Dituduh Tak Setia, Presiden Zimbabwe Pecat Wakilnya
 Presiden Zimbabwe Robert Mugabe (istimewa)
 07 November 2017 11:00:38 wib
Share :

Kabar7, Harare (Zimbabwe) - Presiden Zimbabwe Robert Mugabe memecat Wakilnya Emmerson Mnangagwa karena dituduh tidak setiap kepadanya.

"Mugabe menggunakan kekuasaannya untuk melengserkan yang terhormat wakil presiden E.D. Mnangagwa dari posisinya sebagai wakil presiden," kata Menteri Informasi Simon Khaya Moyo dalam konferensi pers di Harare, menuduhnya "tidak setia".

Pemecatan ini juga tak lepas dari persaingan antara Mnangagwa dan istri Mugabe, Grace, yang semakin intens untuk menggantikan presiden, menurut pernyataan pemerintah, Senin (6/11/2017). Grace sendiri mendapat dukungan dari suaminya dalam pencalonan presiden.

Mugabe pada sebelumnya juga telah mengancam Mnangagwa akan dipecat dari jabatanya sebagai wakil presiden. Ia dituduh mengipasi faksionalisme untuk menggalang dukungan menjelang kongres istimewa partai pada Desember, setelah Grace disambut cibiran saat kampanye akhir pekan.

Grace merespons dengan menantang pada Minggu, mengatakan bahwa dia siap menggantikan suaminya.

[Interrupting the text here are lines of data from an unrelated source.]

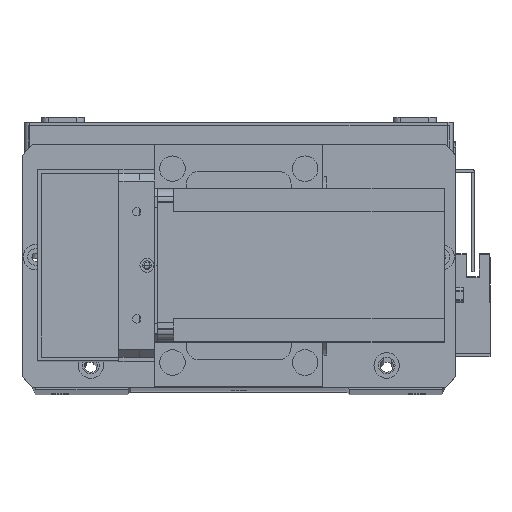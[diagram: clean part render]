
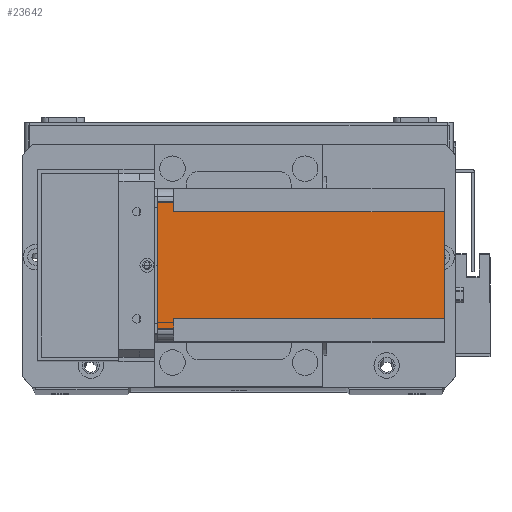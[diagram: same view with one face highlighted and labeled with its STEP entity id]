
A CAD part, top view. The second image highlights one B-rep face of the part: STEP entity #23642.
In plain terms, the highlighted planar face has unit normal (0, 0, 1) as drawn and (-1, 0, 0) by its records, which use the part's own axes.
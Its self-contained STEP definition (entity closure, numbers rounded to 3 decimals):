
#62 = EDGE_CURVE ( 'NONE', #3026, #11813, #1617, .T. ) ;
#306 = VECTOR ( 'NONE', #17148, 1000. ) ;
#701 = DIRECTION ( 'NONE',  ( 0., -1., 0. ) ) ;
#706 = CARTESIAN_POINT ( 'NONE',  ( 0., 55., 0. ) ) ;
#1373 = DIRECTION ( 'NONE',  ( 0., 1., 0. ) ) ;
#1398 = EDGE_CURVE ( 'NONE', #18737, #23743, #13429, .T. ) ;
#1617 = LINE ( 'NONE', #14545, #20411 ) ;
#3026 = VERTEX_POINT ( 'NONE', #3304 ) ;
#3304 = CARTESIAN_POINT ( 'NONE',  ( 0., 5., -6.5 ) ) ;
#3536 = ORIENTED_EDGE ( 'NONE', *, *, #62, .F. ) ;
#5470 = CARTESIAN_POINT ( 'NONE',  ( 0., 55., -112.5 ) ) ;
#6292 = VECTOR ( 'NONE', #22593, 1000. ) ;
#6780 = ORIENTED_EDGE ( 'NONE', *, *, #12860, .T. ) ;
#6907 = VECTOR ( 'NONE', #23374, 1000. ) ;
#7017 = EDGE_CURVE ( 'NONE', #11813, #23743, #20832, .T. ) ;
#7330 = EDGE_CURVE ( 'NONE', #18737, #22578, #30416, .T. ) ;
#7410 = EDGE_CURVE ( 'NONE', #13072, #15024, #23863, .T. ) ;
#7801 = VECTOR ( 'NONE', #19401, 1000. ) ;
#7983 = CARTESIAN_POINT ( 'NONE',  ( 0., 0., -112.5 ) ) ;
#8230 = CARTESIAN_POINT ( 'NONE',  ( 0., 60., -6.5 ) ) ;
#8522 = VECTOR ( 'NONE', #20937, 1000. ) ;
#8658 = EDGE_CURVE ( 'NONE', #13072, #28335, #20847, .T. ) ;
#8687 = CARTESIAN_POINT ( 'NONE',  ( 0., 0., -112.5 ) ) ;
#9872 = ORIENTED_EDGE ( 'NONE', *, *, #23069, .F. ) ;
#10031 = CARTESIAN_POINT ( 'NONE',  ( 0., 51., -112.5 ) ) ;
#10486 = FACE_OUTER_BOUND ( 'NONE', #13983, .T. ) ;
#10709 = DIRECTION ( 'NONE',  ( 0., 1., 0. ) ) ;
#11278 = CARTESIAN_POINT ( 'NONE',  ( 0., 51., -6.5 ) ) ;
#11813 = VERTEX_POINT ( 'NONE', #18667 ) ;
#12080 = LINE ( 'NONE', #8230, #24314 ) ;
#12860 = EDGE_CURVE ( 'NONE', #3026, #15024, #20640, .T. ) ;
#13072 = VERTEX_POINT ( 'NONE', #706 ) ;
#13429 = LINE ( 'NONE', #8687, #6907 ) ;
#13978 = ORIENTED_EDGE ( 'NONE', *, *, #8658, .T. ) ;
#13983 = EDGE_LOOP ( 'NONE', ( #3536, #6780, #20659, #13978, #9872, #24277, #17772, #16126 ) ) ;
#14545 = CARTESIAN_POINT ( 'NONE',  ( 0., 0., -6.5 ) ) ;
#15024 = VERTEX_POINT ( 'NONE', #18618 ) ;
#15417 = DIRECTION ( 'NONE',  ( -1., 0., 0. ) ) ;
#16028 = CARTESIAN_POINT ( 'NONE',  ( 0., 0., 0. ) ) ;
#16126 = ORIENTED_EDGE ( 'NONE', *, *, #7017, .F. ) ;
#17148 = DIRECTION ( 'NONE',  ( 0., 0., 1. ) ) ;
#17402 = VECTOR ( 'NONE', #18181, 1000. ) ;
#17729 = CARTESIAN_POINT ( 'NONE',  ( 0., 55., -6.5 ) ) ;
#17772 = ORIENTED_EDGE ( 'NONE', *, *, #1398, .T. ) ;
#18173 = CARTESIAN_POINT ( 'NONE',  ( 0., 9., -112.5 ) ) ;
#18181 = DIRECTION ( 'NONE',  ( 0., 0., 1. ) ) ;
#18618 = CARTESIAN_POINT ( 'NONE',  ( 0., 5., 0. ) ) ;
#18667 = CARTESIAN_POINT ( 'NONE',  ( 0., 9., -6.5 ) ) ;
#18737 = VERTEX_POINT ( 'NONE', #10031 ) ;
#19401 = DIRECTION ( 'NONE',  ( 0., 0., -1. ) ) ;
#20411 = VECTOR ( 'NONE', #1373, 1000. ) ;
#20640 = LINE ( 'NONE', #31817, #306 ) ;
#20659 = ORIENTED_EDGE ( 'NONE', *, *, #7410, .F. ) ;
#20832 = LINE ( 'NONE', #24193, #7801 ) ;
#20847 = LINE ( 'NONE', #5470, #6292 ) ;
#20937 = DIRECTION ( 'NONE',  ( 0., -1., 0. ) ) ;
#22578 = VERTEX_POINT ( 'NONE', #11278 ) ;
#22593 = DIRECTION ( 'NONE',  ( 0., 0., -1. ) ) ;
#23069 = EDGE_CURVE ( 'NONE', #22578, #28335, #12080, .T. ) ;
#23374 = DIRECTION ( 'NONE',  ( 0., -1., 0. ) ) ;
#23642 = ADVANCED_FACE ( 'NONE', ( #10486 ), #30081, .T. ) ;
#23743 = VERTEX_POINT ( 'NONE', #18173 ) ;
#23863 = LINE ( 'NONE', #16028, #8522 ) ;
#24193 = CARTESIAN_POINT ( 'NONE',  ( 0., 9., -112.5 ) ) ;
#24277 = ORIENTED_EDGE ( 'NONE', *, *, #7330, .F. ) ;
#24314 = VECTOR ( 'NONE', #10709, 1000. ) ;
#25343 = CARTESIAN_POINT ( 'NONE',  ( 0., 51., -112.5 ) ) ;
#28335 = VERTEX_POINT ( 'NONE', #17729 ) ;
#29839 = AXIS2_PLACEMENT_3D ( 'NONE', #7983, #15417, #701 ) ;
#30081 = PLANE ( 'NONE',  #29839 ) ;
#30416 = LINE ( 'NONE', #25343, #17402 ) ;
#31817 = CARTESIAN_POINT ( 'NONE',  ( 0., 5., -112.5 ) ) ;

"Telah terbukti bahwa perilakunya dalam melepaskan tugas menjadi tidak konsisten dengan tanggung jawab resminya," kata Moyo sebagaimana dikutip kantor berita AFP, yang dilansir dari Antaranews.

"Wakil Presiden telah secara konsisten dan terus menerus menunjukkan sifat-sifat ketidaksetiaan, ketidakhormatan, tipu daya dan tidak dapat diandalkan".

Untuk diketahui, Mnangagwa dilantik menjadi wakil presiden pada 2014. Kala itu dia menggantikan Joice Mujuru yang juga dipecat setelah Grace Mugabe melancarkan kampanye menuduhnya berencana menggulingkan presiden.